Consider this subset of [Ansur Male dataset](https://www.kaggle.com/seshadrikolluri/ansur-ii):

In [6]:
ansur = pd.read_csv("data/ansur_male.csv", encoding="latin").select_dtypes(
    include="number"
)
ansur.iloc[:, -7:].head()

Unnamed: 0,wristcircumference,wristheight,SubjectNumericRace,DODRace,Age,Heightin,Weightlbs
0,175,853,1,1,41,71,180
1,167,815,1,1,35,68,160
2,180,831,2,2,42,68,205
3,176,793,1,1,31,66,175
4,188,954,2,2,21,77,213


It records more than 100 different types of body measurements of more than 6000 US Army Personnel. Our goal is to predict the weight in pounds using only the numeric features (there are 93) for simplicity. 

Let's establish a base performance with Random Forest Regressor. We will first build the feature and target arrays and divide them into train and test sets. Then, we will fit the estimator and score its performance using R-squared:

In [52]:
from sklearn.ensemble import RandomForestRegressor
from sklearn.model_selection import train_test_split
from sklearn.preprocessing import StandardScaler

# Feature, target arrays
X, y = ansur.iloc[:, :-1], ansur.iloc[:, -1]

# Train/test set generation
X_train, X_test, y_train, y_test = train_test_split(
    X, y, test_size=0.3, random_state=1121218
)

# Scale train and test sets with StandardScaler
X_train_std = StandardScaler().fit_transform(X_train)
X_test_std = StandardScaler().fit_transform(X_test)

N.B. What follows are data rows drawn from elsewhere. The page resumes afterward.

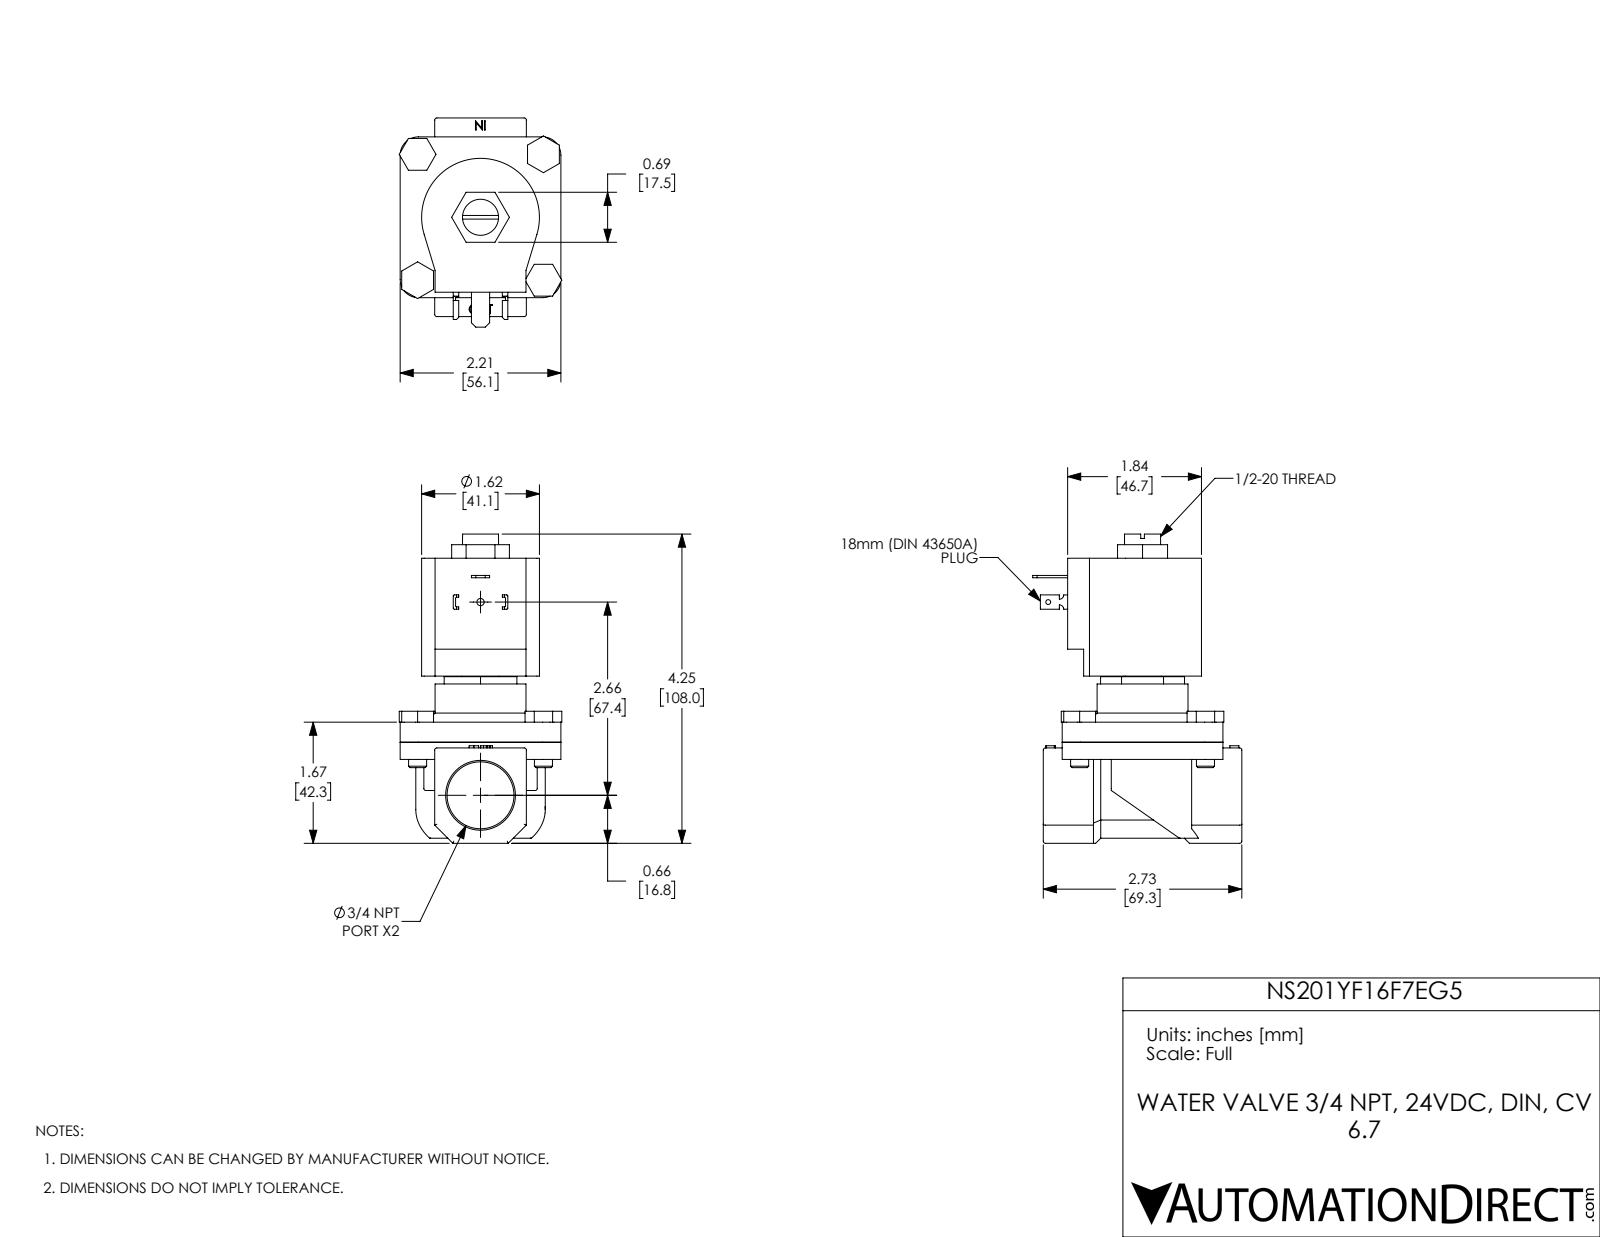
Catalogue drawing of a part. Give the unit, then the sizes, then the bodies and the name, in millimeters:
Units: millimetres
Overall size (bounding box): 108 × 73 × 56.8
Round holes (diameter × count): ⌀6.4 ×4, ⌀1.7 ×1, ⌀2.5 ×1, ⌀12.6 ×1, ⌀13 ×1, ⌀23.4 ×1, ⌀29.3 ×1
Round bosses / shafts (diameter × count): ⌀6.3 ×4, ⌀31.8 ×1
Partial cylindrical surfaces — rounded edges, fillets, slot ends (radius × count): R0.8 ×15, R0.4 ×8, R6.4 ×4, R1.5 ×2, R20.6 ×1, R22.6 ×1
Main face-to-face distances: 7, 64.2, 57.2, 12.1, 44.1, 56.1, 6, 13, 70.2, 6.6
Hole centre spacings: 31.1, 43.9, 62.1, 67.5
Volume: 169 600 mm³ · Surface area: 43 410 mm²
Bodies: 11 solids, 332 faces (198 planar, 99 cylindrical, 35 other)
Part name (STEP PRODUCT): NS201YF16F7EG5
STEP written by: SolidWorks 2017 (AUTOMOTIVE_DESIGN)

# Fix the dimensions of the target array
y_train = y_train.values.reshape(-1, 1)
y_test = y_test.values.reshape(-1, 1)

# Init, fit, test Lasso Regressor
forest = RandomForestRegressor()
_ = forest.fit(X_train_std, y_train)
forest.score(X_test_std, y_test)

0.9485677708139042

We achieved a really good R-squared of 0.948. We were able to do this using all 98 features which is much more than we might need. All Sklearn estimators have special attributes that show feature weights (or coefficients), either given as `coef_` or `.feature_importances_`. Let's see the computed coefficients for our Random Forest Regressor model:

In [58]:
pd.DataFrame(
    zip(X_train.columns, abs(forest.feature_importances_)),
    columns=["feature", "weight"],
).sort_values("weight").reset_index(drop=True)

Unnamed: 0,feature,weight
0,Heightin,0.000097
1,suprasternaleheight,0.000170
2,crotchheight,0.000180
3,DODRace,0.000182
4,cervicaleheight,0.000212
...,...,...
93,forearmforearmbreadth,0.001464
94,elbowrestheight,0.001519
95,forearmcircumferenceflexed,0.003284
96,bideltoidbreadth,0.005946


To reduce model complexity, always start by removing features with close to 0 weights. Since all weights are multiplied by the values of features, such small weights contribute very little to the overall predictions. Looking at the above weights, we can see that many weights are close to 0.

We could set some low threshold and filter out features based on it. But we have to remember that even removing a single feature forces other coefficients to change. So, we have to eliminate them step-by-step, leaving out lowest weighted feature by sorting the fitted models coefficients. Doing this manually for 98 features would be cumbersome, but thankfully Sklearn provides us with RFE class to do the task.